● **Supplied data**:
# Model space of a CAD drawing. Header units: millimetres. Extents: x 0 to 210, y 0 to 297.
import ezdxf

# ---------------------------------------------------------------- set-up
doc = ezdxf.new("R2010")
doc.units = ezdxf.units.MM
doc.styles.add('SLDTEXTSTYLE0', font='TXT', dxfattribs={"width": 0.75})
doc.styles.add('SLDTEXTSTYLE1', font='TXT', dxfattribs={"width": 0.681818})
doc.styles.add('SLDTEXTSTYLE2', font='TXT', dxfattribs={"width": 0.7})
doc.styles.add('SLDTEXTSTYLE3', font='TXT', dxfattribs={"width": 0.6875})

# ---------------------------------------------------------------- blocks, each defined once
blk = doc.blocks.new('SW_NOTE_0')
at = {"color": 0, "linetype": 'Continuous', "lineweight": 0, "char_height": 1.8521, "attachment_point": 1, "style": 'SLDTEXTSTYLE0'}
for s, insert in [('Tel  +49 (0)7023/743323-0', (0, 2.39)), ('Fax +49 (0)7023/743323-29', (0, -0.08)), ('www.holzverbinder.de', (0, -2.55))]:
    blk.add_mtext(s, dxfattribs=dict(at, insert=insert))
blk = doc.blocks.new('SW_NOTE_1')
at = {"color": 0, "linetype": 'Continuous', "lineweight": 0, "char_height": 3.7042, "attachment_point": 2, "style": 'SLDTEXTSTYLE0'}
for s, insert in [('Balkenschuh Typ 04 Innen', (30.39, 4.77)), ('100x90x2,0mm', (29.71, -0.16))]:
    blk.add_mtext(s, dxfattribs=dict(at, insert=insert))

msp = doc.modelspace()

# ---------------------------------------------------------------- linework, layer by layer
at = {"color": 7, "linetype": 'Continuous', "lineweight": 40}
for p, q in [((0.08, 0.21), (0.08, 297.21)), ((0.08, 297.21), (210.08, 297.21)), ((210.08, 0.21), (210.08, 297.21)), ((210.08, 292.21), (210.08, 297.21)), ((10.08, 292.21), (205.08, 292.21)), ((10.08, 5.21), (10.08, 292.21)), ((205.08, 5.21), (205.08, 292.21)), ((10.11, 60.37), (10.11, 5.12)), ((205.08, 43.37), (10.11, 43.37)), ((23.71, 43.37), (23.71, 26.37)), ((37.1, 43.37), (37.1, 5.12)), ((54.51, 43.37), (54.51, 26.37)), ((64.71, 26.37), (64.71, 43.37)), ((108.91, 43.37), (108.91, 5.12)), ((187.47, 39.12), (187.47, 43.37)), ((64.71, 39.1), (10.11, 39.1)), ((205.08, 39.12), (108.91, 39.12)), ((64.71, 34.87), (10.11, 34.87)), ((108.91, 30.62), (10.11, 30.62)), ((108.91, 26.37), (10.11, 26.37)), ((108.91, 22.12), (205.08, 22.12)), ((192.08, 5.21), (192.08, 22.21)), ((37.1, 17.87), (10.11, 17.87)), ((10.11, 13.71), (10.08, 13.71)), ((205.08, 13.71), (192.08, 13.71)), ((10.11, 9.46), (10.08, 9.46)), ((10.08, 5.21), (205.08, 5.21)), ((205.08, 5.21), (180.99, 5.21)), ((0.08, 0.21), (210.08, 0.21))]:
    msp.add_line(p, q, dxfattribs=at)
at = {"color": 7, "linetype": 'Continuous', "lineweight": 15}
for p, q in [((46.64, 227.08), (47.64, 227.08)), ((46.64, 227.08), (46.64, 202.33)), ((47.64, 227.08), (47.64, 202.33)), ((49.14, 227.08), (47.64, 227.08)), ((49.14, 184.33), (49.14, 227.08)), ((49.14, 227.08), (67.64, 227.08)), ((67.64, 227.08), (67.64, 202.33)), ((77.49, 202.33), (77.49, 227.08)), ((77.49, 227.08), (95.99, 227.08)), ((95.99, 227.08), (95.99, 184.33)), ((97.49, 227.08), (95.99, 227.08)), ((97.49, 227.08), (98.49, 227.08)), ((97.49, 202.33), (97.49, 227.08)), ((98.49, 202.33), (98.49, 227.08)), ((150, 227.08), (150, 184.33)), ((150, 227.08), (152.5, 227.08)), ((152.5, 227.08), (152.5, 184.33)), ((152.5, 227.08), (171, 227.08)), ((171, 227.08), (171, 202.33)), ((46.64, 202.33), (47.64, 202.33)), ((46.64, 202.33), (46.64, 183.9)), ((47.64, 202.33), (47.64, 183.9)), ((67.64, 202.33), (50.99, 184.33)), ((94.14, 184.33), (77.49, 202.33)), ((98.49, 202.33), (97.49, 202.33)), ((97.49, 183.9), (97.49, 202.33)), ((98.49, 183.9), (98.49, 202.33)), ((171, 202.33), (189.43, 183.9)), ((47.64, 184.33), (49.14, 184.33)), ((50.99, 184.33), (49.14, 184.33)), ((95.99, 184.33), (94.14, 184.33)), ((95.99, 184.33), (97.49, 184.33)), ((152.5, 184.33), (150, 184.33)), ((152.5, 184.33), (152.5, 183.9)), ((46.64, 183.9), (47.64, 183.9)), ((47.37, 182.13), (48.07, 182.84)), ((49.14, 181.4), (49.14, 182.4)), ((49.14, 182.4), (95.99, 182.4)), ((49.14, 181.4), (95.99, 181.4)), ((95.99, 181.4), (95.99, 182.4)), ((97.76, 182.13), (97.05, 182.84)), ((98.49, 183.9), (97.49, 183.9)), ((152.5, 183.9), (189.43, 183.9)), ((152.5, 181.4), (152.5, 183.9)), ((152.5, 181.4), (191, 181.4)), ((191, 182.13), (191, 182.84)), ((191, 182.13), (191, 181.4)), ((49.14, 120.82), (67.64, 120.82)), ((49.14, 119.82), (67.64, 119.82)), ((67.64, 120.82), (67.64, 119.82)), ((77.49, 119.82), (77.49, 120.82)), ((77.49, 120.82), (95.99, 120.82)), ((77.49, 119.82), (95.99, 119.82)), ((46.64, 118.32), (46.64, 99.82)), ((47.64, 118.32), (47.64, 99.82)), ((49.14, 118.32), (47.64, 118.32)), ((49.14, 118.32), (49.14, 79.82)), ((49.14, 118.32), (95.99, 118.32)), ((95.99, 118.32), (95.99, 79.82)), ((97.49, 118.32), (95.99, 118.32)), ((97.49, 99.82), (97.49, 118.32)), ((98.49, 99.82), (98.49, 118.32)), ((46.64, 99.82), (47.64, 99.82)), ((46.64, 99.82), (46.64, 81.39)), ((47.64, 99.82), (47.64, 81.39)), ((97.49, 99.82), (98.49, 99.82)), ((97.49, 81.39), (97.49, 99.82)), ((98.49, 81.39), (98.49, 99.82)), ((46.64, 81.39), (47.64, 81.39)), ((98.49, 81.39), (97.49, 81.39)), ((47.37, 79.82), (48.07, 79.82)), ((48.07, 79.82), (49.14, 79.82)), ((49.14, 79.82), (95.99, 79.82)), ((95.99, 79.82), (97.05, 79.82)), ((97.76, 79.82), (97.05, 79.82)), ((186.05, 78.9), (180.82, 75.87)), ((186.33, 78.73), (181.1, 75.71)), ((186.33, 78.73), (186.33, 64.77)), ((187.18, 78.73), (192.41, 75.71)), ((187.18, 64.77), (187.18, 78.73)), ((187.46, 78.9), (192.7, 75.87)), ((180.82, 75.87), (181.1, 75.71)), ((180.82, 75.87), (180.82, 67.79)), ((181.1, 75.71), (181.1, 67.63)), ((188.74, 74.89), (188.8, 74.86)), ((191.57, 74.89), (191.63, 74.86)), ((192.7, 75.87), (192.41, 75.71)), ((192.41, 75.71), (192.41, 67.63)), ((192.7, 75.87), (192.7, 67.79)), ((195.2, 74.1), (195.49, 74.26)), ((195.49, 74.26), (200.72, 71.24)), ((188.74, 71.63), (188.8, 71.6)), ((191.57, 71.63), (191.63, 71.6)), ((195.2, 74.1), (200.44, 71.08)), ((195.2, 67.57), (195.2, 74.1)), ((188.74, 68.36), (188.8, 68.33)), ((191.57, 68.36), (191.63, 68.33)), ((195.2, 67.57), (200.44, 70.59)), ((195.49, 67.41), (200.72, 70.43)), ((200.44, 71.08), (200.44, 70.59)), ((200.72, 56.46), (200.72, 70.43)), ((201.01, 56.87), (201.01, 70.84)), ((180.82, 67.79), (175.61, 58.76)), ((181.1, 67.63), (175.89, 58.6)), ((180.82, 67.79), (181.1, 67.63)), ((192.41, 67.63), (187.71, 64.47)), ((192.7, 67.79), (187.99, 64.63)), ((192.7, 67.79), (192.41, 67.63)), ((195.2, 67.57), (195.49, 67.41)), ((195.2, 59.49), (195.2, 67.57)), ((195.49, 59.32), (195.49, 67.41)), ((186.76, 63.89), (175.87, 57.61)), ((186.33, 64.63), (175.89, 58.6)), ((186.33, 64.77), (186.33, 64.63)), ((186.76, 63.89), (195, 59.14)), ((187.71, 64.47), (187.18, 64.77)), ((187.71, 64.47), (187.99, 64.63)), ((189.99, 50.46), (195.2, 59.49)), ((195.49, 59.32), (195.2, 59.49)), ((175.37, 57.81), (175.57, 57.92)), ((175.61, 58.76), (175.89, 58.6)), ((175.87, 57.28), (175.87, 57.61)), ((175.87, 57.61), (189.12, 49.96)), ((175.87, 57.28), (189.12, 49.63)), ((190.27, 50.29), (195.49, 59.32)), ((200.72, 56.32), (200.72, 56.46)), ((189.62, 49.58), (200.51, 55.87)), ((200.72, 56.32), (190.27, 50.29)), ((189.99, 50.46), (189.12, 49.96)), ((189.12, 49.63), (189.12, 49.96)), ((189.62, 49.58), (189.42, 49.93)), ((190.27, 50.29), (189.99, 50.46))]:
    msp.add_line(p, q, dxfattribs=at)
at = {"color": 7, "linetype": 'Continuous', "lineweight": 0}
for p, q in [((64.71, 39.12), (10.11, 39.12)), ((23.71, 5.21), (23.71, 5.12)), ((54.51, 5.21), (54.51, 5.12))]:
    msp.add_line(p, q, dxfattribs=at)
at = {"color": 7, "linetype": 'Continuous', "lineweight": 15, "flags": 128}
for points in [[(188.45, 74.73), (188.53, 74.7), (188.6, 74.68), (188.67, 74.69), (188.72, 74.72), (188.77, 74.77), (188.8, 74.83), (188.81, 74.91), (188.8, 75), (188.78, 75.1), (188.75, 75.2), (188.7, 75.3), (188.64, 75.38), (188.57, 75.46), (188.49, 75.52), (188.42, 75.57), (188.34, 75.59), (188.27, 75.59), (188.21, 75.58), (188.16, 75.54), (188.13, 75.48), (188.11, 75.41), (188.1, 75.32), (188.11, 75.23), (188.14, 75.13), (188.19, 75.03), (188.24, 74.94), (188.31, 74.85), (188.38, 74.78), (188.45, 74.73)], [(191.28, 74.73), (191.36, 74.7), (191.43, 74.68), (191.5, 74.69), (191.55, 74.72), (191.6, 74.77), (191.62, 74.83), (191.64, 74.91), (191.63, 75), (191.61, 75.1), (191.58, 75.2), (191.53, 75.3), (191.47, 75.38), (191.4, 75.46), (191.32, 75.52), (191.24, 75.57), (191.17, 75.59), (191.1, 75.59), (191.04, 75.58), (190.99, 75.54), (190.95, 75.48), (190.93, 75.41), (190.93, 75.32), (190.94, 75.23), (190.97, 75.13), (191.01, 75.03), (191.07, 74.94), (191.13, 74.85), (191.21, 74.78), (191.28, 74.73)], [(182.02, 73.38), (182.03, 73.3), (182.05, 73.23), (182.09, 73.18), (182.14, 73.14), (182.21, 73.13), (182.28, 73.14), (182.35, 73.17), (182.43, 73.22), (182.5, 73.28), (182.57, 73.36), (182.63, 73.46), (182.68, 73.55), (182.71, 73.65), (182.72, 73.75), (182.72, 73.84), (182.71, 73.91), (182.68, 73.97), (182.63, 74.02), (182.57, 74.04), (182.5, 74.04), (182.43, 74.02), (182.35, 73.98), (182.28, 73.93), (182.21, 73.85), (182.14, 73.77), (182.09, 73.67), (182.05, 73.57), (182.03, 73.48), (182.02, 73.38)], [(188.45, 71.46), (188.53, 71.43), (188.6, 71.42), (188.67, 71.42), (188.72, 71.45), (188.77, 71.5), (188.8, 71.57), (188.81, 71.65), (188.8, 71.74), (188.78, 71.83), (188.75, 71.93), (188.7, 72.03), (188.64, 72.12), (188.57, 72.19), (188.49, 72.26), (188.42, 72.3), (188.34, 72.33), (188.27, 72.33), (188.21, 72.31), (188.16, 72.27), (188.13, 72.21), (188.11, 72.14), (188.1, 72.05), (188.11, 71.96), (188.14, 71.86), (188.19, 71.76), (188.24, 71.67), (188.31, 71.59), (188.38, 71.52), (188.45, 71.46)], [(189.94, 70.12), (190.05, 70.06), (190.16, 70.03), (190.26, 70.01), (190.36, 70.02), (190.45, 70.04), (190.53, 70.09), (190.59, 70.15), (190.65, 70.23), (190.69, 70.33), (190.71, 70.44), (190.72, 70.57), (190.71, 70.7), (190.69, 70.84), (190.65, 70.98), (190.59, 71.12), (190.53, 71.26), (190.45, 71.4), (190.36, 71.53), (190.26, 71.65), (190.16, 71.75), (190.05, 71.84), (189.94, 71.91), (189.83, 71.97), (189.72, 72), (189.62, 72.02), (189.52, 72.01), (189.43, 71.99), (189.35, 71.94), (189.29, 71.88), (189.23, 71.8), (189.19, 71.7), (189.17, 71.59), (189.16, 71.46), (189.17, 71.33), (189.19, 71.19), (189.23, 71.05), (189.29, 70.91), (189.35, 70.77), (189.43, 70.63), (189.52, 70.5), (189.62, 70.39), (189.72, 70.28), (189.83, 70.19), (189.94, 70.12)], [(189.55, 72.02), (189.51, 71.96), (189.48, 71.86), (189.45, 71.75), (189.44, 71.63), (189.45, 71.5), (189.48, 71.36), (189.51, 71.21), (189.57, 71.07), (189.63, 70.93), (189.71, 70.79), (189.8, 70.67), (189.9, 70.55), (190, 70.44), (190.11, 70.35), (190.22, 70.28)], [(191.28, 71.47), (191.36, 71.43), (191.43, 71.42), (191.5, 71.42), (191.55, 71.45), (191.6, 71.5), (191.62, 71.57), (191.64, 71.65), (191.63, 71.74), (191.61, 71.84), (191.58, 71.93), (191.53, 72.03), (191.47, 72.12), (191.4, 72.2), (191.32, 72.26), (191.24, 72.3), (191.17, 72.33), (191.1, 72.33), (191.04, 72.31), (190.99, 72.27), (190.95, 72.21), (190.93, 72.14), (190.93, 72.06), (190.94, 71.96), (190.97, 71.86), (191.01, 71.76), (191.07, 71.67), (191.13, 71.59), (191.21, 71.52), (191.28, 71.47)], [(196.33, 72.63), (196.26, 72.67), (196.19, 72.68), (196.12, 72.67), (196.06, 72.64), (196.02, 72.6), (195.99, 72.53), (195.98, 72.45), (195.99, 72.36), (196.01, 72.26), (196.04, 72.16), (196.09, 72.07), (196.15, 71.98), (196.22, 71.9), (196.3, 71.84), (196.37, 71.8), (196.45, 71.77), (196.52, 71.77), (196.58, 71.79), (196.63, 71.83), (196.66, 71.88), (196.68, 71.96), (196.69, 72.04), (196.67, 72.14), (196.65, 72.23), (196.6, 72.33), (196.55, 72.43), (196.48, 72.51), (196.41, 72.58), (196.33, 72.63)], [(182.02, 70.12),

● **What is expected**: The string "insert" shows up in some lines of the listing. Copy each such line.

● **Worked solution**:
for s, insert in [('Tel  +49 (0)7023/743323-0', (0, 2.39)), ('Fax +49 (0)7023/743323-29', (0, -0.08)), ('www.holzverbinder.de', (0, -2.55))]:
    blk.add_mtext(s, dxfattribs=dict(at, insert=insert))
for s, insert in [('Balkenschuh Typ 04 Innen', (30.39, 4.77)), ('100x90x2,0mm', (29.71, -0.16))]:
    blk.add_mtext(s, dxfattribs=dict(at, insert=insert))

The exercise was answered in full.